Return every line from the records below that has the word "ezdxf".
RECORDS SUPPLIED section start
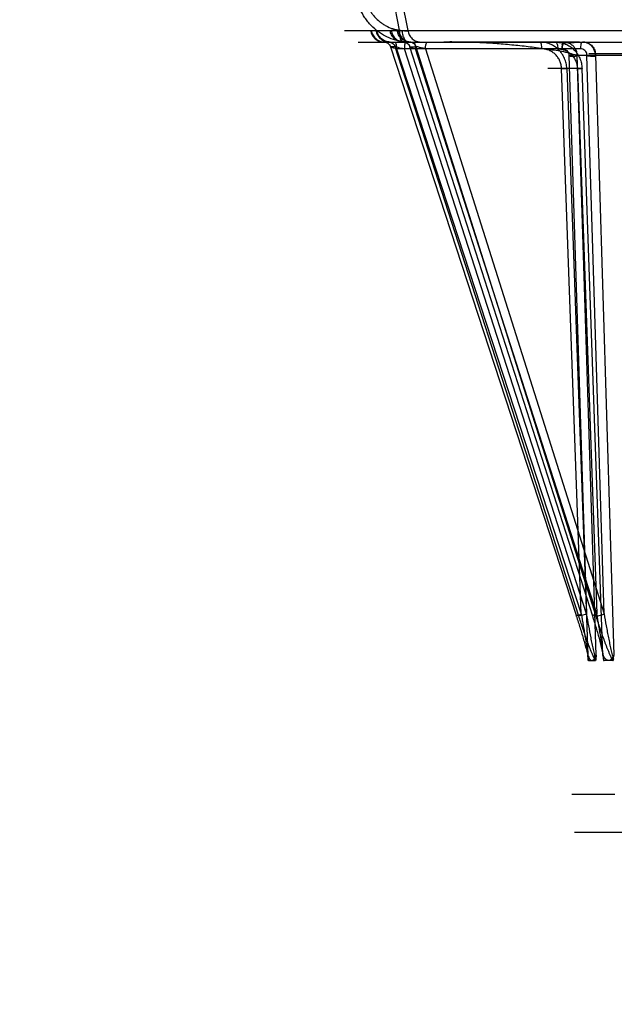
# Model space of a CAD drawing. Header units: millimetres. Extents: x 0 to 297, y 0 to 210.
# Tile 383 of 455: x 239.364 to 239.71, y 159.995 to 160.568. Entities that reach past the tile are written whole.
import ezdxf

# ---------------------------------------------------------------- set-up
doc = ezdxf.new("R2010")
doc.units = ezdxf.units.MM
doc.header["$LTSCALE"] = 16.335
doc.layers.get('0').update_dxf_attribs({"linetype": 'CONTINUOUS'})
doc.layers.add('AXES_REF', color=7, linetype='CONTINUOUS')
doc.layers.add('INTFCLR_144815', color=7, linetype='CONTINUOUS')

msp = doc.modelspace()

# ---------------------------------------------------------------- linework, layer by layer
at = {"color": 7, "linetype": 'Continuous'}
for radius in [7.75666, 7.756, 7.70633]:
    msp.add_circle((241.43024, 154.5393), radius, dxfattribs=at)
msp.add_arc((241.43024, 154.5393), 7.68, 278.277129, 261.722871, dxfattribs=at)
at = {"layer": 'AXES_REF', "color": 9, "linetype": 'Continuous'}
msp.add_arc((241.43024, 154.5393), 7.07561, 94.411812, 85.588188, dxfattribs=at)
at = {"layer": 'INTFCLR_144815', "color": 9, "linetype": 'Continuous'}
for p, q in [((239.58497, 160.5622), (239.58105, 160.58176)), ((239.58631, 160.5793), (239.58977, 160.56205)), ((239.55287, 160.56205), (239.7587, 160.56205)), ((239.56848, 160.56204), (239.57027, 160.56204)), ((239.58356, 160.56204), (239.58001, 160.56204)), ((239.58628, 160.56186), (239.58498, 160.5622)), ((239.56077, 160.5553), (240.88033, 160.5553)), ((239.57598, 160.5553), (239.57575, 160.5553)), ((239.57871, 160.5553), (239.57691, 160.5553)), ((239.57876, 160.5553), (239.57871, 160.5553)), ((239.57938, 160.5553), (239.57876, 160.5553)), ((239.59018, 160.5553), (239.58682, 160.55551)), ((239.587, 160.5553), (239.58736, 160.5553)), ((239.58736, 160.5553), (239.58742, 160.5553)), ((239.58742, 160.5553), (239.59092, 160.5553)), ((239.59092, 160.5553), (239.59098, 160.5553)), ((239.57963, 160.55256), (239.68791, 160.22118)), ((239.58232, 160.55256), (239.57963, 160.55256)), ((239.6893, 160.22118), (239.58232, 160.55256)), ((239.58323, 160.55133), (239.69071, 160.22241)), ((239.69027, 160.55133), (239.58323, 160.55133)), ((239.6939, 160.22241), (239.58771, 160.55133)), ((239.69744, 160.22118), (239.59096, 160.55256)), ((239.59096, 160.55256), (239.59446, 160.55256)), ((239.6999, 160.22241), (239.59421, 160.55133)), ((239.59446, 160.55256), (239.69925, 160.22118)), ((239.59449, 160.55256), (239.59446, 160.55256)), ((239.60004, 160.55133), (239.70405, 160.22241)), ((239.68354, 160.54747), (239.6939, 160.22241)), ((239.69944, 160.19845), (239.68831, 160.54758)), ((239.68831, 160.54758), (239.83376, 160.54758)), ((239.70405, 160.22241), (239.69408, 160.54747)), ((240.73294, 160.54842), (239.6951, 160.54842)), ((239.69905, 160.54758), (239.70976, 160.19845)), ((239.69123, 160.53986), (239.67138, 160.53986)), ((239.67935, 160.53975), (239.68244, 160.53986)), ((239.69071, 160.22241), (239.67935, 160.53975)), ((239.68236, 160.53986), (239.69458, 160.19845)), ((239.68855, 160.53975), (239.69123, 160.53986)), ((239.68855, 160.53975), (239.6999, 160.22241)), ((239.70344, 160.19845), (239.69123, 160.53986))]:
    msp.add_line(p, q, dxfattribs=at)
at = {"layer": 'INTFCLR_144815', "color": 7, "linetype": 'Continuous'}
for p, q in [((239.68831, 160.54758), (239.68354, 160.54747)), ((239.69408, 160.54747), (239.69905, 160.54758))]:
    msp.add_line(p, q, dxfattribs=at)
at = {"layer": 'INTFCLR_144815', "color": 6, "linetype": 'Continuous'}
for p, q in [((239.69475, 160.19606), (239.69458, 160.19845)), ((239.69944, 160.19845), (239.69927, 160.19606)), ((239.70344, 160.19845), (239.70366, 160.19606)), ((239.70954, 160.19606), (239.70976, 160.19845)), ((239.69475, 160.19605), (239.69475, 160.19606)), ((239.69475, 160.19602), (239.69475, 160.19604)), ((239.69476, 160.19599), (239.69475, 160.19601)), ((239.69504, 160.1953), (239.69899, 160.1953)), ((239.69927, 160.19592), (239.69926, 160.19591)), ((239.69926, 160.1959), (239.69926, 160.19589)), ((239.69927, 160.19596), (239.69927, 160.19595)), ((239.69927, 160.19594), (239.69927, 160.19593)), ((239.70366, 160.19606), (239.70366, 160.19605)), ((239.70366, 160.19604), (239.70366, 160.19604)), ((239.70366, 160.19603), (239.70366, 160.19602)), ((239.70366, 160.19601), (239.70366, 160.196)), ((239.70366, 160.19599), (239.70366, 160.19599)), ((239.70367, 160.19595), (239.70367, 160.19594)), ((239.70367, 160.19593), (239.70367, 160.19592)), ((239.70917, 160.1953), (239.70403, 160.1953)), ((239.71032, 160.11738), (239.68519, 160.11738)), ((239.6869, 160.09548), (240.74114, 160.09548))]:
    msp.add_line(p, q, dxfattribs=at)
for points in [[(239.69504, 160.1953), (239.69502, 160.1953), (239.69501, 160.1953), (239.69499, 160.19531), (239.69498, 160.19531), (239.69496, 160.19532), (239.69495, 160.19533), (239.69494, 160.19534), (239.69493, 160.19535), (239.69492, 160.19536), (239.69491, 160.19537), (239.6949, 160.19539), (239.69489, 160.1954), (239.69488, 160.19542), (239.69487, 160.19543), (239.69486, 160.19545), (239.69485, 160.19547), (239.69484, 160.19549), (239.69484, 160.19551), (239.69483, 160.19553), (239.69482, 160.19555), (239.69482, 160.19557), (239.69481, 160.19559), (239.69481, 160.19561), (239.6948, 160.19563), (239.6948, 160.19565), (239.69479, 160.19567), (239.69479, 160.19569), (239.69478, 160.19571), (239.69478, 160.19573), (239.69478, 160.19575), (239.69478, 160.19577), (239.69477, 160.19579), (239.69477, 160.19581), (239.69477, 160.19583), (239.69477, 160.19585), (239.69476, 160.19587), (239.69476, 160.19589), (239.69476, 160.19591), (239.69476, 160.19592), (239.69476, 160.19594), (239.69476, 160.19596), (239.69476, 160.19597)], [(239.69926, 160.19585), (239.69926, 160.19584), (239.69926, 160.19582), (239.69926, 160.19581), (239.69925, 160.1958), (239.69925, 160.19579), (239.69925, 160.19577), (239.69925, 160.19576), (239.69925, 160.19575), (239.69924, 160.19573), (239.69924, 160.19572), (239.69924, 160.19571), (239.69924, 160.19569), (239.69923, 160.19568), (239.69923, 160.19566), (239.69923, 160.19565), (239.69923, 160.19563), (239.69922, 160.19562), (239.69922, 160.1956), (239.69921, 160.19559), (239.69921, 160.19557), (239.69921, 160.19556), (239.6992, 160.19554), (239.6992, 160.19553), (239.69919, 160.19551), (239.69919, 160.1955), (239.69918, 160.19549), (239.69918, 160.19547), (239.69917, 160.19546), (239.69916, 160.19544), (239.69916, 160.19543), (239.69915, 160.19542), (239.69914, 160.19541), (239.69913, 160.19539), (239.69913, 160.19538), (239.69912, 160.19537), (239.69911, 160.19536), (239.6991, 160.19535), (239.69909, 160.19534), (239.69908, 160.19533), (239.69907, 160.19533), (239.69906, 160.19532), (239.69905, 160.19531), (239.69904, 160.19531), (239.69903, 160.1953), (239.69902, 160.1953), (239.699, 160.1953), (239.69899, 160.1953)], [(239.69926, 160.19588), (239.69926, 160.19587), (239.69926, 160.19586)], [(239.69927, 160.19606), (239.69927, 160.19606), (239.69927, 160.19605), (239.69927, 160.19604), (239.69927, 160.19604)], [(239.69927, 160.19602), (239.69927, 160.19599), (239.69927, 160.19598)], [(239.70367, 160.19598), (239.70367, 160.19597), (239.70367, 160.19596)], [(239.70367, 160.19591), (239.70367, 160.1959), (239.70367, 160.19589), (239.70367, 160.19588), (239.70368, 160.19587), (239.70368, 160.19586), (239.70368, 160.19585), (239.70368, 160.19584), (239.70368, 160.19582), (239.70368, 160.19581), (239.70369, 160.1958), (239.70369, 160.19579), (239.70369, 160.19577), (239.70369, 160.19576), (239.7037, 160.19575), (239.7037, 160.19573), (239.7037, 160.19572), (239.7037, 160.19571), (239.70371, 160.19569), (239.70371, 160.19568), (239.70371, 160.19566), (239.70372, 160.19565), (239.70372, 160.19563), (239.70373, 160.19562), (239.70373, 160.1956), (239.70374, 160.19559), (239.70374, 160.19557), (239.70375, 160.19556), (239.70375, 160.19554), (239.70376, 160.19553), (239.70377, 160.19551), (239.70377, 160.1955), (239.70378, 160.19549), (239.70379, 160.19547), (239.7038, 160.19546), (239.7038, 160.19544), (239.70381, 160.19543), (239.70382, 160.19542), (239.70383, 160.19541), (239.70384, 160.19539), (239.70385, 160.19538), (239.70386, 160.19537), (239.70387, 160.19536), (239.70388, 160.19535), (239.7039, 160.19534), (239.70391, 160.19533), (239.70392, 160.19533), (239.70394, 160.19532), (239.70395, 160.19531), (239.70396, 160.19531), (239.70398, 160.1953), (239.704, 160.1953), (239.70401, 160.1953), (239.70403, 160.1953)], [(239.70917, 160.1953), (239.70919, 160.1953), (239.70921, 160.1953), (239.70923, 160.19531), (239.70924, 160.19531), (239.70926, 160.19532), (239.70928, 160.19533), (239.70929, 160.19534), (239.70931, 160.19535), (239.70932, 160.19536), (239.70934, 160.19537), (239.70935, 160.19539), (239.70936, 160.1954), (239.70937, 160.19542), (239.70939, 160.19543), (239.7094, 160.19545), (239.70941, 160.19547), (239.70942, 160.19549), (239.70943, 160.19551), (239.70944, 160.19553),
RECORDS SUPPLIED section end
**EXERCISE SOLUTION**
import ezdxf
doc = ezdxf.new("R2010")
doc.units = ezdxf.units.MM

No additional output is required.